Replace \[b\] with \[1\] in the formula for period:
\[\dfrac{{2\pi }}{{\left| 1 \right|}}\]
The absolute value is the distance between a number and zero. The distance between \[0\] and \[1\] is
\[\dfrac{{2\pi }}{1}\]
Now, divide \[2\pi \] by \[1\]:
The period of the \[\sin x\] function is \[2\pi \]radians in both the directions:
\[ \Rightarrow x =\dfrac{\pi }{6} + 2\pi n,\dfrac{{5\pi }}{6} + 2\pi n\]
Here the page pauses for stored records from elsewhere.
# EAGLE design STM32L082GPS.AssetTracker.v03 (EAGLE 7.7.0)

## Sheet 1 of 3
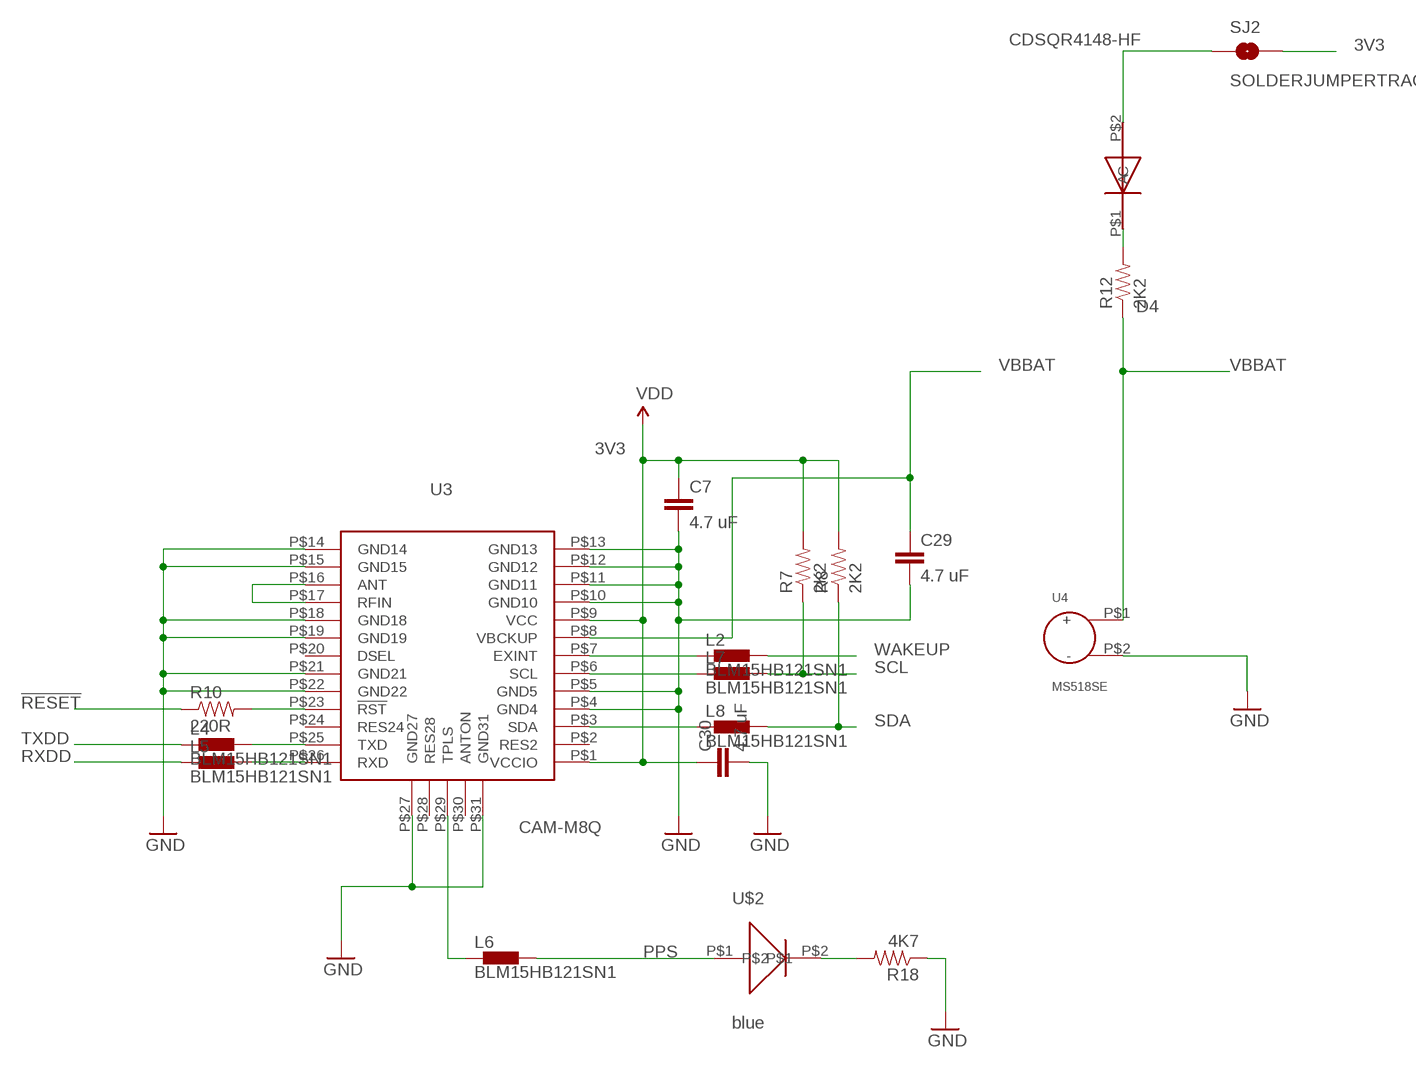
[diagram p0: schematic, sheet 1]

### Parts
C7  4.7 uF  0402CAP.KW  [0402-CAP]
C29  4.7 uF  0402CAP.KW  [0402-CAP]
C30  4.7 uF  0402CAP.KW  [0402-CAP]
D4  CDSQR4148-HF  [CDSQR4148-HF]
L2  BLM15HB121SN1  [0402]
L4  BLM15HB121SN1  [0402]
L5  BLM15HB121SN1  [0402]
L6  BLM15HB121SN1  [0402]
L7  BLM15HB121SN1  [0402]
L8  BLM15HB121SN1  [0402]
R7  2K2  0402RES.KW  [0402-RES]
R8  2K2  0402RES.KW  [0402-RES]
R10  220R  0402RES.KW  [0402-RES]
R12  2K2  0402RES.KW  [0402-RES]
R18  4K7  0402RES.KW  [0402-RES]
SJ2  SOLDERJUMPERTRACE  [SJ_2S-TRACE]
U3  CAM-M8Q  [CAM-M8Q]
U4  MS518SE  [MS518SE]
U$2  blue  0402LED  [0402LED]

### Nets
3V3: C7.1 C30.1 R7.2 R8.2 SJ2.2 U3.P$1(VCCIO) U3.P$9(VCC) ; supply symbol labelled VDD ; also sheet 2,3
!RESET: R10.1
GND: C7.2 C29.2 C30.2 R18.1 U3.P$4(GND4) U3.P$5(GND5) U3.P$10(GND10) U3.P$11(GND11) U3.P$12(GND12) U3.P$13(GND13) U3.P$14(GND14) U3.P$15(GND15) U3.P$18(GND18) U3.P$19(GND19) U3.P$21(GND21) U3.P$22(GND22) U3.P$27(GND27) U3.P$31(GND31) U4.P$2(-) ; also sheet 2,3
N$4: D4.P$2(A) SJ2.1
N$5: D4.P$1(C) R12.2
N$6: L2.1 U3.P$7(EXINT)
N$8: R18.2 U$2.P$2
N$10: L7.1 U3.P$6(SCL)
N$23: L8.1 U3.P$3(SDA)
N$43: L4.2 U3.P$25(TXD)
N$44: L5.2 U3.P$26(RXD)
N$45: U3.P$16(ANT) U3.P$17(RFIN)
N$46: R10.2 U3.P$23(!RST)
N$47: L6.1 U3.P$29(TPLS)
PPS: L6.2 U$2.P$1 ; also sheet 3
RXDD: L5.1 ; also sheet 3
SCL: L7.2 R7.1 ; also sheet 2,3
SDA: L8.2 R8.1 ; also sheet 2,3
TXDD: L4.1 ; also sheet 3
VBBAT: C29.1 R12.1 U3.P$8(VBCKUP) U4.P$1(+)
WAKEUP: L2.2 ; also sheet 3
Unconnected: U3.P$2(RES2) U3.P$20(DSEL) U3.P$24(RES24) U3.P$28(RES28) U3.P$30(ANTON)

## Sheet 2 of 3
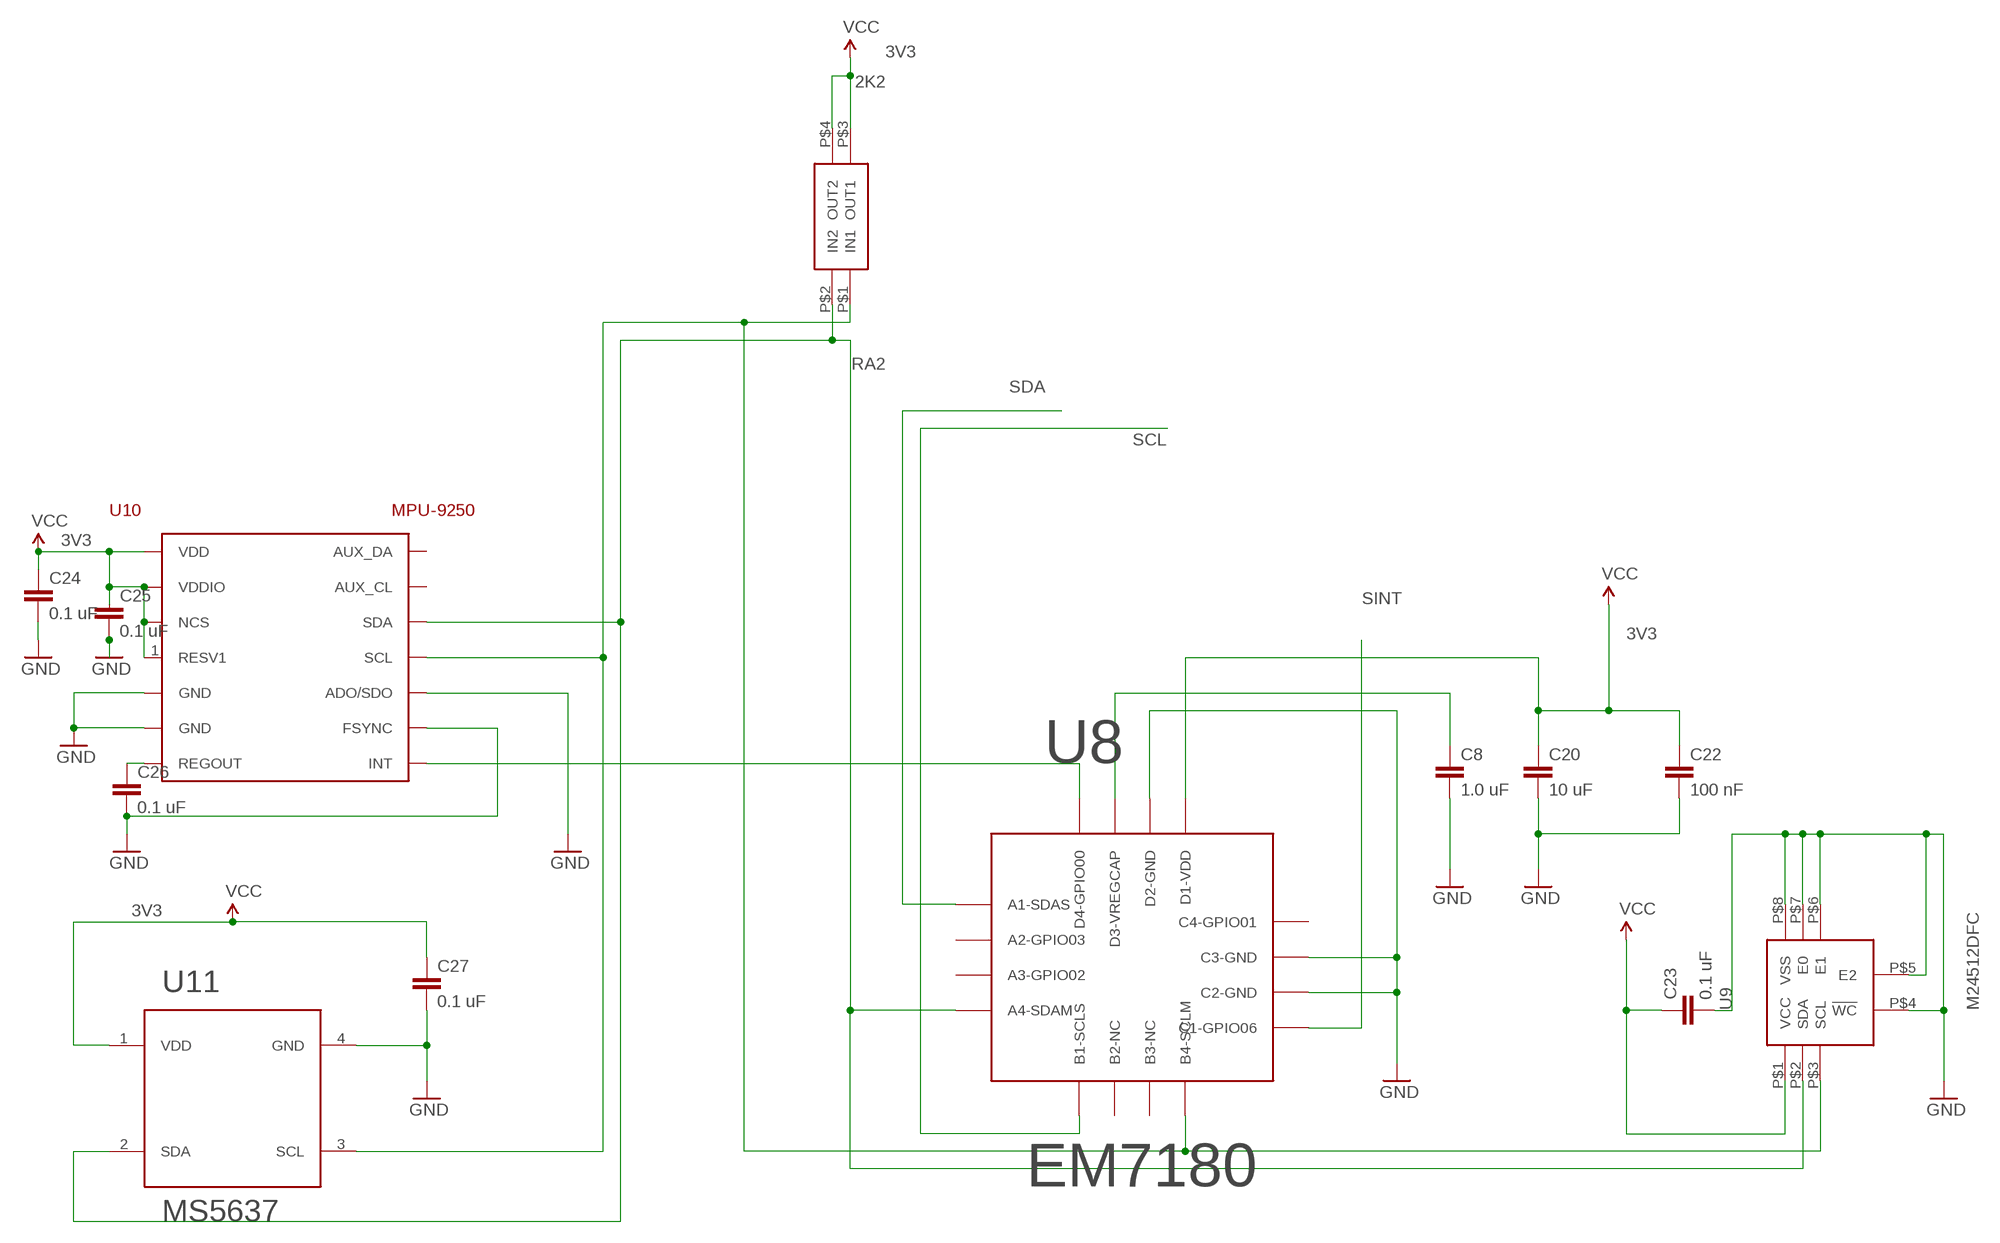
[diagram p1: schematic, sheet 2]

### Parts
C8  1.0 uF  CAP0402-CAP  [0402-CAP]
C20  10 uF  CAP0402-CAP  [0402-CAP]
C22  100 nF  CAP0402-CAP  [0402-CAP]
C23  0.1 uF  CAP0402-CAP  [0402-CAP]
C24  0.1 uF  CAP0402-CAP  [0402-CAP]
C25  0.1 uF  CAP0402-CAP  [0402-CAP]
C26  0.1 uF  CAP0402-CAP  [0402-CAP]
C27  0.1 uF  CAP0402-CAP  [0402-CAP]
RA2  2K2  EXB24V  [EXB24V]
U8  EM7180  [WL-CSP16]
U9  M24512DFC  [M24512DFC]
U10  MPU-9250  [MPU-9250]
U11  MS5637  [MS5637QFN-4]

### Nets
3V3: C20.1 C22.1 C23.1 C24.1 C25.1 C27.1 RA2.P$3(OUT1) RA2.P$4(OUT2) U8.P$13(D1-VDD) U9.P$1(VCC) U10.1(RESV1) U10.8(VDDIO) U10.13(VDD) U10.22(NCS) U11.1(VDD) ; supply symbol labelled VCC ; also sheet 1,3
GND: C8.2 C20.2 C22.2 C23.2 C24.2 C25.2 C26.2 C27.2 U8.P$10(C2-GND) U8.P$11(C3-GND) U8.P$14(D2-GND) U9.P$4(!WC) U9.P$5(E2) U9.P$6(E1) U9.P$7(E0) U9.P$8(VSS) U10.9(ADO/SDO) U10.11(FSYNC) U10.18(GND) U10.20(GND) U11.4(GND) ; also sheet 1,3
N$19: U8.P$16(D4-GPIO00) U10.12(INT)
N$26: C8.1 U8.P$15(D3-VREGCAP)
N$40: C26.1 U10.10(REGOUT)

Set the next factor equal to \[0\]:
\[ \Rightarrow \sin (x) - 1 = 0\]
Add \[1\] to both sides of the equation:
\[ \Rightarrow \sin (x) = 1\]
Now, take the inverse sine of both the sides of the equation to extract \[x\]from inside the sine:
\[ \Rightarrow x = \arcsin (1)\]
The exact value of \[\arcsin (1)\] is \[\dfrac{\pi }{2}\]
\[ \Rightarrow x =\dfrac{\pi }{2}\]
The sine function is positive in the first and second quadrants. To find the second solution, subtract the reference angle from \[\pi \] to find the solution in the second quadrant.
\[ \Rightarrow x = \pi -\dfrac{\pi }{2}\]
Simplify \[\pi -\dfrac{\pi }{2}\]
To write \[\dfrac{\pi }{1}\] as a fraction with a common denominator, multiply \[\dfrac{2}{2}\]
\[ \Rightarrow x =\dfrac{\pi }{1}.\dfrac{2}{2} -\dfrac{\pi }{2}\]
Write each expression with a common denominator of \[2\], by multiplying each by an appropriate factor of \[1\]
Combine and multiply \[2\] by \[1\]:
\[ \Rightarrow x =\dfrac{{\pi .2}}{2} -\dfrac{\pi }{2}\]
Simplify the numerator:
\[ \Rightarrow x =\dfrac{\pi }{2}\]
The period of the sin(x) function is \[2\pi \] so values will repeat every \[2\pi \] radians in both directions.
\[ \Rightarrow x =\dfrac{\pi }{2} + 2\pi n\]for any integer \[n\]
The final solution is all the values that make \[( - 2\sin (x) + 1)(\sin (x) - 1) = 0\] is true
\[x =\dfrac{\pi }{6} + 2\pi n,\dfrac{{5\pi }}{6} + 2\pi n,\dfrac{\pi }{2} + 2\pi n\], for any integer \[n\].

Note: The above solution is easy and gets solved quickly. But there is one thing that is very important and we all should keep it in mind. The sign should be appropriately taken and substitution should be done accordingly.